Michael Roger Binyon  OBE is an English journalist and eminent foreign correspondent, known for serving as The Times's Moscow Correspondent as well as reporting from Bonn, Washington and all over the Middle East. He is currently a leader writer for The Times and occasional arts and books critic.

Education
After Leighton Park School, Binyon went up to read his degree at Magdalene College, Cambridge in 1963, where he was a direct contemporary of BBC foreign correspondent John Simpson, both reading English. Binyon later switched to Arabic, graduating in 1967.

Career
After teaching English in Minsk for a year, he began his career at the BBC Arabic Service and the Times Educational Supplement. He reported from Moscow in the 70s, and went on to cover the fall of the Berlin Wall and numerous Middle East conflicts.
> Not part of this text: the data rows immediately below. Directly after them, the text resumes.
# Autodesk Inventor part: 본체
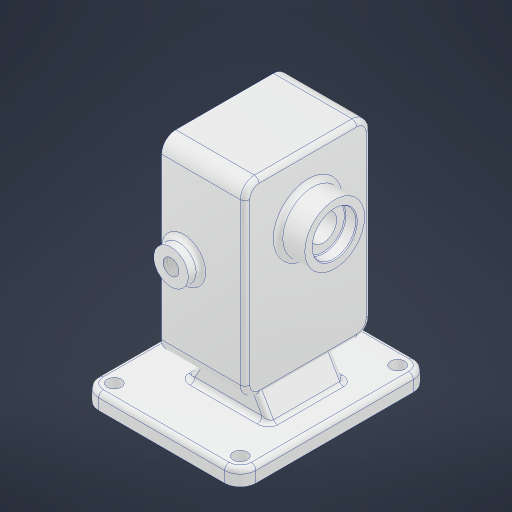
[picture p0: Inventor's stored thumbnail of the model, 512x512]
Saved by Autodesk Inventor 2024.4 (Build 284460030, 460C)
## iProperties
Created: 2026-10
Part Number: 본체
Material: 알루미늄 6061
Document SubType Name: Modeling
Designer: user
Density: 2.7 g/cm^3
Appearance: 알루미늄 - 평지
Mass: 1469.22 g
Surface Area: 818.789 cm^2
Volume: 544.157 cm^3
Author: user
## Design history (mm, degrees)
sketch "스케치1"
  geometry: L1 (50, 60)-(-50, 60); L2 (-50, 60)-(-50, -60); L3 (-50, -60)-(50, -60); L4 (50, -60)-(50, 60); L5 (50, 60)-(-50, -60); L6 (-50, 60)-(50, -60); 1 further point
  constraints: 12 end point, 2 midpoint, 2 parallel, 1 horizontal, 1 perpendicular
  dimensions: "d0" = 100 distance of L3.end L2.end; "d1" = 120 distance of L2.end L1.end
extrude "돌출1" new body sketch "스케치1" distance "d2" = 10; taper "d3" = 0 deg
fillet "모깎기1" dims "d4" = 10
sketch "스케치2"
  geometry: A1 r 10 centre (40, -50) between (40, -60) and (50, -50) reference; A2 r 10 centre (40, 50) between (50, 50) and (40, 60) reference; A3 r 10 centre (-40, 50) between (-40, 60) and (-50, 50) reference; A4 r 10 centre (-40, -50) between (-50, -50) and (-40, -60) reference; 5 further points
  constraints: 4 coincident
hole "구멍1" sketch "스케치2" at (-40, 50), (40, 50), (40, -50), (-40, -50) diameter "d5" = 9; stored, may be unused: countersink angle "d9" = 90 deg, drill point angle "d11" = 118 deg; dims "d6" = 6, "d7" = 4, "d8" = 2, "d10" = 8
fillet "모깎기2" dims "d12" = 3
sketch "스케치3"
  geometry: L1 (-40, 10)-(40, 10) reference; L2 (-20, 10)-(-8.453, 30); L3 (-8.453, 30)-(21.453, 30); L4 (21.453, 30)-(33, 10); L5 (50, 7)-(50, 0) reference; 1 further point
  constraints: 6 end point, 2 point on line, 1 parallel
  dimensions: "d13" = 17 distance from line of L5 L4.end; "d14" = 60 deg angle of L1 L2 (= d15); "d15" = 60 deg angle of L1 L4; "d16" = 53 distance of L4.end L2.start; "d17" = 20 distance between parallel lines of L3 L1
extrude "돌출2" join sketch "스케치3" stored distance "d18" = 48; taper "d19" = 0 deg
sketch "스케치4" dims "d80" = 0.5
  geometry: L1 (0, 0)-(0, 48) reference; L2 (29.906, 0)-(0, 0) reference; L3 (29.906, 48)-(29.906, 0) reference; L4 (0, 48)-(29.906, 48) reference; L5 (-11.547, 64)-(41.453, 64); L6 (41.453, 64)-(41.453, -16); L7 (41.453, -16)-(-11.547, -16); L8 (-11.547, -16)-(-11.547, 64); L9 (-11.547, 0)-(-11.547, 48) reference; 2 further points
  constraints: 8 end point, 2 midpoint, 2 parallel, 1 horizontal, 1 perpendicular
  dimensions: "d20" = 53 distance of L6.end L7.end; "d21" = 80 distance of L5.end L6.end
extrude "돌출3" join sketch "스케치4" distance "d22" = 120; taper "d23" = 0 deg
sketch "스케치5"
  geometry: L1 (0, 120)-(80, 120) reference; L2 (0, 0)-(0, 120) reference; L3 (40, 82)-(40, 38); L4 (16, 82)-(16, 38); L5 (64, 38)-(64, 82); A1 r 24 centre (40, 82) between (64, 82) and (16, 82); A2 r 24 centre (40, 38) between (16, 38) and (64, 38); 6 further points
  constraints: 8 end point, 5 point on circle, 4 midpoint, 4 tangent, 2 centre point, 1 horizontal alignment, 1 parallel, 1 vertical, 1 vertical alignment
  dimensions: "d25" = 24 radius of A1; "d26" = 44 distance of L3.start L3.end
extrude "돌출4" cut sketch "스케치5" distance "d27" = 29; taper "d28" = 0 deg
sketch "스케치6"
  geometry: L1 (0, 0)-(80, 0) reference; L2 (80, 0)-(80, 120) reference; 9 further points
  constraints: 6 vertical alignment, 4 horizontal alignment
  dimensions: "d29" = 62 distance of point (71, 111) point (9, 111); "d30" = 29 distance of point (71, 82) point (71, 111); "d31" = 44 distance of point (71, 38) point (71, 82); "d32" = 29 distance of point (71, 9) point (71, 38) (= d30); "d33" = 9 distance from line of L2 point (71, 9); "d34" = 9 distance from line of L1 point (71, 9) (computed from d32, d30, d31)
hole "구멍2" sketch "스케치6" at (9, 111), (71, 111), (71, 82), (9, 82), (9, 38), (71, 38), (71, 9), (9, 9) diameter "d35" = 4.134; stored, may be unused: countersink angle "d39" = 90 deg, drill point angle "d41" = 118 deg; dims "d36" = 10, "d37" = 4, "d38" = 2, "d40" = 12
fillet "모깎기3" dims "d42" = 9
fillet "모깎기4" dims "d43" = 3
sketch "스케치7"
  geometry: C1 r 12.5 at (40, 82); C2 r 12.5 at (40, 38); A1 r 24 centre (40, 38) between (16, 38) and (64, 38) reference; A2 r 24 centre (40, 82) between (64, 82) and (16, 82) reference; 1 further point
  constraints: 2 centre point, 2 coincident
  dimensions: "d44" = 25 diameter of C1; "d45" = 25 diameter of C2
extrude "돌출5" cut sketch "스케치7" distance "d46" = 15; taper "d47" = 0 deg
sketch "스케치8"
  geometry: C1 r 12.5 at (0, 0) reference; C2 r 8.5 at (0, 0); 1 further point
  constraints: 1 centre point, 1 coincident
  dimensions: "d48" = 17 diameter of C2
extrude "돌출6" cut sketch "스케치8" extent not by distance; stored distance "d49" = 0; taper "d50" = 0 deg
sketch "스케치9"
  geometry: C1 r 8.5 at (37, 73) reference; C2 r 19 at (37, 73); 1 further point
  constraints: 1 centre point, 1 coincident
  dimensions: "d51" = 38 diameter of C2
extrude "돌출7" join sketch "스케치9" distance "d52" = 17; taper "d53" = 0 deg
sketch "스케치10"
  geometry: C1 r 8.5 at (0, 0) reference; C2 r 14 at (0, 0); 1 further point
  constraints: 1 centre point, 1 coincident
  dimensions: "d54" = 28 diameter of C2
extrude "돌출8" cut sketch "스케치10" distance "d55" = 7.3; taper "d56" = 0 deg
sketch "스케치11"
  geometry: L1 (0, 0)-(0, 102) reference; C1 r 11 at (14, 51); 2 further points
  constraints: 1 centre point, 1 horizontal alignment, 1 midpoint
  dimensions: "d57" = 22 diameter of C1; "d58" = 14 distance from line of C1.centre L1
extrude "돌출9" join sketch "스케치11" distance "d59" = 8; taper "d60" = 0 deg
sketch "스케치12"
  geometry: C1 r 11 at (0, 0) reference; 2 further points
  constraints: 1 coincident
sketch "스케치13"
  geometry: C1 r 11 at (0, 0) reference; 2 further points
  constraints: 1 coincident
hole "구멍3" sketch "스케치12" diameter "d61" = 10.106; stored, may be unused: countersink angle "d65" = 90 deg, drill point angle "d67" = 118 deg; dims "d62" = 8, "d63" = 4, "d64" = 2, "d66" = 32.3
hole "구멍4" sketch "스케치13" diameter "d68" = 10.106; stored, may be unused: countersink angle "d72" = 90 deg, drill point angle "d74" = 118 deg; dims "d69" = 8, "d70" = 4, "d71" = 2, "d73" = 8
fillet "모깎기5" dims "d75" = 3
fillet "모깎기6" dims "d76" = 3
chamfer "모따기1" distance "d77" = 1; stored, may be unused: second distance "d78" = 2, angle "d79" = 45 deg
fillet "모깎기7" dims "d80" = 0.5
chamfer "모따기2" distance "d81" = 0.7; stored, may be unused: second distance "d82" = 2, angle "d83" = 30 deg
fillet "모깎기8" dims "d84" = 3
fillet "모깎기9" dims "d85" = 3
node "솔리드1"
mirror "미러1"
feature "A9D066F2-1C7D-4E18-AEED-F7BC21143FA4" dims "d5" = 9, "d6" = 6, "d7" = 4, "d8" = 2, "d9" = 90 deg, "d10" = 8, "d11" = 118 deg
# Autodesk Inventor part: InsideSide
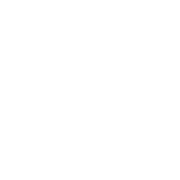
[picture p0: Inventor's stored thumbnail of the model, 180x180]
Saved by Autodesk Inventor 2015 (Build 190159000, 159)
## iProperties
Created: 2016-02
Part Number: InsideSide
Material: Wood (Birch)
Document SubType Name: Modeling
Designer: Hafliði
Density: 0.55 g/cm^3
Appearance: Birch - Natural Polished
Mass: 154 g
Surface Area: 628 cm^2
Volume: 280 cm^3
Author: Hafliði
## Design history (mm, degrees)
sketch "Sketch1"
  geometry: L1 (-100, 70)-(100, 70); L2 (100, 70)-(100, -70); L3 (100, -70)-(-100, -70); L4 (-100, -70)-(-100, 70); L5 (-100, 70)-(100, -70); L6 (100, 70)-(-100, -70); 1 further point
  constraints: 12 end point, 2 midpoint, 2 parallel, 1 horizontal, 1 perpendicular
  dimensions: "d0" = 200 distance of L2.end L3.end; "d1" = 140 distance of L1.end L2.end
extrude "Extrusion1" new body sketch "Sketch1" distance "d2" = 10; taper "d3" = 0 deg
body "Solid1"

Other positions he has held at The Times include: diplomatic editor, Washington bureau chief and Brussels correspondent, where his opposite number at The Telegraph was one Boris Johnson.

Awards & honours
Binyon was awarded the OBE in 2000 for services to international journalism.
His reporting from Moscow garnered two British Press Awards in 1979 and 1980.
From 2008 to 2009, he was master of the British Leathersellers' Company.

References

Living people
British reporters and correspondents
The Times people
British war correspondents
Officers of the Order of the British Empire
Writers on the Middle East
Alumni of the University of Cambridge
British expatriates in the United States
British expatriates in Belgium
Year of birth missing (living people)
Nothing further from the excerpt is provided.